This a toolset was built to fix filepaths that have more characters than
the 260 character limit of the Windows documents server at the
university of California, Santa Cruz. It consists of three scripts: one
for scraping the server for file paths that are longer than the
character limit. The second script launches a gui for collecting the
desired corrections of the file paths from the user. And the third
script implements the path corrections from the second script. Here is a
more detailed breakdown of the three scripts:
paths_too_long.py is a relatively simple script that prompt the user for
a path in the console and iterates through the directories within
populating a dataframe with the attributes of the files. It then removes
all the files that do not have a path length more than 260 characters.
THe resulting dataframe is saved into a csv file.
fix_paths2long.py launches a tkinter GUI using spreadsheet generated by paths_too_long.py to elicit changes to directory names in the path from the user that reduce the path length. It starts by eliciting the name of the csv file. Note that the file should be in the same directory as the fix_paths2long.py file. From the csv file a dataframe is generated and iterated through each row, creating a tkinter frame for each path, the ChooseSegmentFrame. An image of this frame can be found in image 'fix_paths2long-ChooseSegmentFrame-example.jpg'. This gui frame includes four rows:
- Row 1 is just the entire path (the app window can become quite wide).
- Row 2 is a set of buttons that correspond to each directory in the path. Pushing one of these buttons selects the directory name to be change in the second tkinter frame.
- Row 3 is the number of other file paths in the dataframe that share the path up each directory in the path. This allows the user to know how many filepaths would be effected by changing the name of each directory in the path, facilitating batch changing of the filepath. This batch changing mechanism is the critical time-saving benefit of using these scripts.
- Row 4 has the length of the longest filepath from the dataframe that includes the corresponding directory. Note that the length of the current path (in row 1) is given at the last entry in this row. This row allows the user to know how many characters need to be removed from each directory in the filepath to meet the 260 character windows path limit.

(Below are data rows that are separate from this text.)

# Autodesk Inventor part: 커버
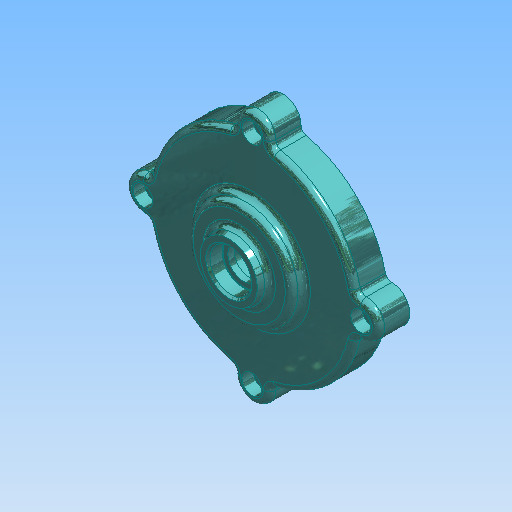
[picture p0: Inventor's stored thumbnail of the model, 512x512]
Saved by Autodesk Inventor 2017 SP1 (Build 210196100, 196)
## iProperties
Created: 2021-07
Part Number: 커버
Document SubType Name: 모델링
Designer: mdu
Material: 알루미늄 6061
Density: 2.71 g/cm^3
Mass: 196.659 g
Surface Area: 278.607 cm^2
Volume: 72.5678 cm^3
Appearance: 커버
변환 표준: STEP AP214IS
파일 이름: C:\Users\SeoGD\Desktop\?쒗뿕\而ㅻ쾭-1.stp
전처리기: Build: 253, Release: 2010 SP1 - Date: Wed 07/29/2009
전송 단위: 밀리미터
불확실성: 0.01
Author: mdu
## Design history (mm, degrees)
sketch "스케치1"
  geometry: L1 (0, 0)-(0, 26); L2 (50, 0)-(50, 15); L3 (50, 15)-(25, 15); L4 (25, 15)-(25, 21); L5 (25, 21)-(15, 21); L6 (15, 21)-(13.66, 26); L7 (13.66, 26)-(10, 26); L8 (50, 0)-(45, 0); L9 (45, 0)-(45, 10); L10 (45, 10)-(14.5, 10); L11 (14.5, 10)-(13.266, 3); L12 (13.266, 3)-(11, 3); L13 (11, 3)-(11, 16); L14 (11, 16)-(7.5, 16); L15 (7.5, 16)-(7.5, 19); L16 (7.5, 19)-(10, 19); L17 (10, 19)-(10, 26)
  constraints: 34 end point, 10 parallel, 2 perpendicular, 2 point on line, 1 vertical
  dimensions: "d11" = 100 diameter of L2 L1; "d12" = 22 diameter of L13 L1; "d13" = 90 diameter of L9 L1; "d14" = 15 distance between parallel lines of L3 L8; "d15" = 10 distance between parallel lines of L8 L10; "d16" = 29 diameter of L10.end L1; "d17" = 100 deg angle of L11 L10; "d18" = 7 distance between parallel lines of L12 L10; "d19" = 13 distance between parallel lines of L14 L12; "d20" = 3 distance between parallel lines of L16 L14; "d21" = 15 diameter of L15 L1; "d22" = 20 diameter of L17 L1; "d23" = 30 diameter of L5.end L1; "d24" = 6 distance between parallel lines of L5 L3; "d25" = 50 diameter of L4 L1; "d26" = 105 deg angle of L5 L6; "d50" = 26 distance of L1.start L1.end
revolve "회전1" sketch "스케치1" stored, may be unused: angle "d27" = 90 deg
sketch "스케치2" dims "d29" = 104
  geometry: A1 r 8.5 centre (0, 52) between (8.074, 49.344) and (-8.074, 49.344); A2 r 50 centre (0, 0) between (-8.074, 49.344) and (8.074, 49.344) reference; 2 further points
  constraints: 4 point on circle, 2 vertical alignment, 1 centre point, 1 coincident, 2 other
  dimensions: "d28" = 17 diameter of A1
extrude "돌출1" join sketch "스케치2" stored distance "d30" = 10; taper "d31" = 0 deg
fillet "모깎기3" dims "d32" = 3
fillet "모깎기4" dims "d45" = 3, "d46" = 0.2
chamfer "모따기1" distance "d47" = 1; stored, may be unused: second distance "d48" = 2, angle "d49" = 45 deg
hole "구멍2" diameter "d38" = 5.5; stored, may be unused: countersink angle "d42" = 90 deg, drill point angle "d44" = 118 deg; dims "d36" = 10, "d37" = 10, "d39" = 6, "d40" = 9.5, "d41" = 5.4, "d43" = 8
node "솔리드1"
node "솔리드 본체"
node "곡면 본체"
pattern_circular "원형 패턴1" dims angle "d34" = 360 deg
pattern_circular "원형 패턴2" dims angle "d52" = 360 deg
node "솔리드2"

When the button corresponding to a directory is selected from row 2 in
the ChooseSegmentFrame it is used to generate the next frame, called the
FixSegmentFrame. An image of this frame can be seen in
fix_paths2long-FixSegmentFrame-example.jpg. It includes the directory
name, a text entry box pre-populated with the directory name, an 'enter'
button, and a 'write changes to csv' button. The user should make the
desired changes to the directory name in the the text field and press
the 'enter' button which saves the name change into a modified path for
all the affected file paths in the dataframe. THe 'write changes to csv'
button on the FixSegmentFrame frame saves the dataframe with the
corrected paths to the csv file, effectively saving the users progress.
Note that the new shoretened filepath are now stored in an additional
row within the csv file.
The purpose of this script is to realize the directory and file name changes recorded in the fix_paths2long.py script. It starts by eliciting the name of the csv file generated by paths_too_long.py with correction by fix_paths2long.py. The csv file should be in the same directory as the script. The script then goes through the dataframe generated from the csv file, adding an additional attribute, 'depth', which is the number directories between the directory that was changed in fix_paths2long.py and the root. Then starting with file paths that require the deepest directory or file name changes, the script iterates through the dataframe making the desired change and recording the changed path for all the affected rows of the dataframe in a column labeled 'intermediary_paths'. The latest filepath change is recorded in a 'result_path' column and if any errors are encountered when trying to locate or change a path, those are recorded in an 'error' column. The result is a dataframe where a list of all the filepath changes are recorded into the intermediary_paths column, the actually resuling location of the file is recorded in the result_path column. That dataframe is then saved into the csv file.